Segment Open

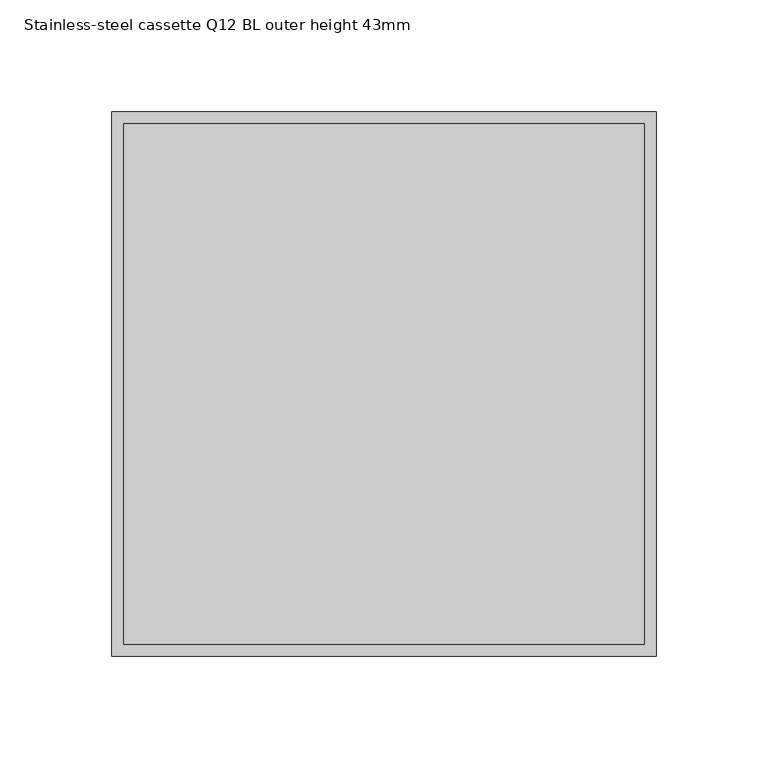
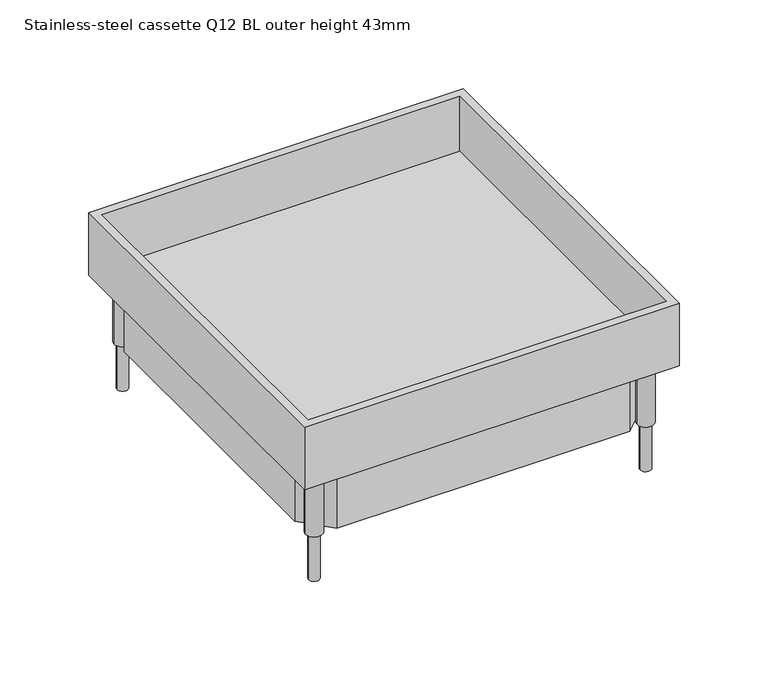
"""IFC4 building model written with IfcOpenShell, lengths in millimetres: proxy geometry, Electrical_Installation_Hager_VE-EE_EKQ-Height-adjustable-stainless-steel-cassette-blank-square-for-damp-cleaned-floors.rfa : Stainless-steel cassette Q12 BL outer height 43mm."""

from ifc_helpers import new_model, si_unit, point, frame, frame_2d, origin, place, context, project, spatial, polyline, circle_curve, trimmed, segment, composite_curve, outline, extrude, source, transform, mapped, element, save


def stainless_steel_cassette_q12_bl_outer_height_43mm_9d157af6(model_context):
    return source(origin(), model_context, "Body", "SweptSolid", [
        extrude(outline(composite_curve([segment(trimmed(circle_curve(frame_2d((-108.0, 108.0)), 3.5), [point((-111.5, 108.0))], [point((-104.5, 108.0))], False, "CARTESIAN"), True, "CONTINUOUS"), segment(trimmed(circle_curve(frame_2d((-108.0, 108.0)), 3.5), [point((-104.5, 108.0))], [point((-111.5, 108.0))], False, "CARTESIAN"), True, "CONTINUOUS")], self_intersect=False)), frame((0.0, 0.0, -115.0), z_axis=(0.0, 0.0, 1.0), x_axis=(1.0, 0.0, 0.0)), (0.0, 0.0, 1.0), 32.0011554),
        extrude(outline(composite_curve([segment(trimmed(circle_curve(frame_2d((108.0, 108.0)), 3.5), [point((104.5, 108.0))], [point((111.5, 108.0))], False, "CARTESIAN"), True, "CONTINUOUS"), segment(trimmed(circle_curve(frame_2d((108.0, 108.0)), 3.5), [point((111.5, 108.0))], [point((104.5, 108.0))], False, "CARTESIAN"), True, "CONTINUOUS")], self_intersect=False)), frame((0.0, 0.0, -115.0), z_axis=(0.0, 0.0, 1.0), x_axis=(1.0, 0.0, 0.0)), (0.0, 0.0, 1.0), 32.0011554),
        extrude(outline(composite_curve([segment(trimmed(circle_curve(frame_2d((108.0, -108.0)), 3.523354), [point((104.476646, -108.0))], [point((111.523354, -108.0))], False, "CARTESIAN"), True, "CONTINUOUS"), segment(trimmed(circle_curve(frame_2d((108.0, -108.0)), 3.523354), [point((111.523354, -108.0))], [point((104.476646, -108.0))], False, "CARTESIAN"), True, "CONTINUOUS")], self_intersect=False)), frame((0.0, 0.0, -115.0), z_axis=(0.0, 0.0, 1.0), x_axis=(1.0, 0.0, 0.0)), (0.0, 0.0, 1.0), 32.0011554),
        extrude(outline(composite_curve([segment(trimmed(circle_curve(frame_2d((-108.0, -108.0)), 3.5), [point((-111.5, -108.0))], [point((-104.5, -108.0))], False, "CARTESIAN"), True, "CONTINUOUS"), segment(trimmed(circle_curve(frame_2d((-108.0, -108.0)), 3.5), [point((-104.5, -108.0))], [point((-111.5, -108.0))], False, "CARTESIAN"), True, "CONTINUOUS")], self_intersect=False)), frame((0.0, 0.0, -115.0), z_axis=(0.0, 0.0, 1.0), x_axis=(1.0, 0.0, 0.0)), (0.0, 0.0, 1.0), 32.0011554),
        extrude(outline(polyline([(4.7, 113.0), (95.3639966, 113.0), (113.0, 96.0470649), (113.0, -95.1394213), (94.7984665, -113.0), (-95.867755, -113.0), (-113.0, -95.1801256), (-113.0, 97.543544), (-95.6272863, 113.0), (4.7, 113.0)]), holes=[polyline([(-110.0, 96.3642535), (-110.0, -94.134929), (-94.4180331, -110.0), (93.4123304, -110.0), (110.0, -94.0355815), (110.0, 94.9312235), (93.9906502, 110.0), (4.7, 110.0), (-94.3203352, 110.0), (-110.0, 96.3642535)])]), frame((0.0, 0.0, -82.0), z_axis=(0.0, 0.0, 1.0), x_axis=(1.0, 0.0, 0.0)), (0.0, 0.0, 1.0), 41.0),
        extrude(outline(polyline([(116.5, 116.5), (116.5, -116.5), (-116.5, -116.5), (-116.5, 116.5), (116.5, 116.5)])), frame((0.0, 0.0, -41.0), z_axis=(0.0, 0.0, 1.0), x_axis=(1.0, 0.0, 0.0)), (0.0, 0.0, 1.0), 5.0),
        extrude(outline(composite_curve([segment(trimmed(circle_curve(frame_2d((-108.0, 108.0)), 5.5), [point((-113.5, 108.0))], [point((-102.5, 108.0))], False, "CARTESIAN"), True, "CONTINUOUS"), segment(trimmed(circle_curve(frame_2d((-108.0, 108.0)), 5.5), [point((-102.5, 108.0))], [point((-113.5, 108.0))], False, "CARTESIAN"), True, "CONTINUOUS")], self_intersect=False)), frame((0.0, 0.0, -82.9988446), z_axis=(0.0, 0.0, 1.0), x_axis=(1.0, 0.0, 0.0)), (0.0, 0.0, 1.0), 41.9988446),
        extrude(outline(composite_curve([segment(trimmed(circle_curve(frame_2d((108.0, 108.0)), 5.5), [point((102.5, 108.0))], [point((113.5, 108.0))], False, "CARTESIAN"), True, "CONTINUOUS"), segment(trimmed(circle_curve(frame_2d((108.0, 108.0)), 5.5), [point((113.5, 108.0))], [point((102.5, 108.0))], False, "CARTESIAN"), True, "CONTINUOUS")], self_intersect=False)), frame((0.0, 0.0, -82.9988446), z_axis=(0.0, 0.0, 1.0), x_axis=(1.0, 0.0, 0.0)), (0.0, 0.0, 1.0), 41.9988446),
        extrude(outline(composite_curve([segment(trimmed(circle_curve(frame_2d((-108.0, -108.0)), 5.5), [point((-113.5, -108.0))], [point((-102.5, -108.0))], False, "CARTESIAN"), True, "CONTINUOUS"), segment(trimmed(circle_curve(frame_2d((-108.0, -108.0)), 5.5), [point((-102.5, -108.0))], [point((-113.5, -108.0))], False, "CARTESIAN"), True, "CONTINUOUS")], self_intersect=False)), frame((0.0, 0.0, -82.9988446), z_axis=(0.0, 0.0, 1.0), x_axis=(1.0, 0.0, 0.0)), (0.0, 0.0, 1.0), 41.9988446),
        extrude(outline(composite_curve([segment(trimmed(circle_curve(frame_2d((108.0, -108.0)), 5.5), [point((102.5, -108.0))], [point((113.5, -108.0))], False, "CARTESIAN"), True, "CONTINUOUS"), segment(trimmed(circle_curve(frame_2d((108.0, -108.0)), 5.5), [point((113.5, -108.0))], [point((102.5, -108.0))], False, "CARTESIAN"), True, "CONTINUOUS")], self_intersect=False)), frame((0.0, 0.0, -82.9988446), z_axis=(0.0, 0.0, 1.0), x_axis=(1.0, 0.0, 0.0)), (0.0, 0.0, 1.0), 41.9988446),
        extrude(outline(polyline([(122.0, 122.0), (122.0, -122.0), (-122.0, -122.0), (-122.0, 122.0), (122.0, 122.0)]), holes=[polyline([(116.5, 116.5), (-116.5, 116.5), (-116.5, -116.5), (116.5, -116.5), (116.5, 116.5)])]), frame((0.0, 0.0, -41.0), z_axis=(0.0, 0.0, 1.0), x_axis=(1.0, 0.0, 0.0)), (0.0, 0.0, 1.0), 43.0),
    ])


if __name__ == "__main__":
    model = new_model("IFC4")
    model_context = context("Model", 3, world=origin())
    ifc_project = project(units=[si_unit("LENGTHUNIT", "METRE", prefix="MILLI")], contexts=[model_context])
    site = spatial("IfcSite", under=ifc_project)
    building = spatial("IfcBuilding", under=site)
    placement = place(None, origin())
    stainless_steel_cassette_q12_bl_outer_height_43mm_shape = stainless_steel_cassette_q12_bl_outer_height_43mm_9d157af6(model_context)
    element("IfcBuildingElementProxy", 1, Name="Electrical_Installation_Hager_VE-EE_EKQ-Height-adjustable-stainless-steel-cassette-blank-square-for-damp-cleaned-floors.rfa : Stainless-steel cassette Q12 BL outer height 43mm", ObjectType="Electrical_Installation_Hager_VE-EE_EKQ-Height-adjustable-stainless-steel-cassette-blank-square-for-damp-cleaned-floors.rfa : Stainless-steel cassette Q12 BL outer height 43mm", at=placement, inside=building, context=model_context, shape_type="MappedRepresentation", body=[
        mapped(stainless_steel_cassette_q12_bl_outer_height_43mm_shape, transform((0.0, 0.0, 0.0), x_axis=(1.0, 0.0, 0.0), y_axis=(0.0, 1.0, 0.0), z_axis=(0.0, 0.0, 1.0))),
    ])
    save(model, "model.ifc")

Segment Closed

▶ _Assignment_:
For the listing above, identify each line bearing "transform".

▶ _Output_:
from ifc_helpers import new_model, si_unit, point, frame, frame_2d, origin, place, context, project, spatial, polyline, circle_curve, trimmed, segment, composite_curve, outline, extrude, source, transform, mapped, element, save
        mapped(stainless_steel_cassette_q12_bl_outer_height_43mm_shape, transform((0.0, 0.0, 0.0), x_axis=(1.0, 0.0, 0.0), y_axis=(0.0, 1.0, 0.0), z_axis=(0.0, 0.0, 1.0))),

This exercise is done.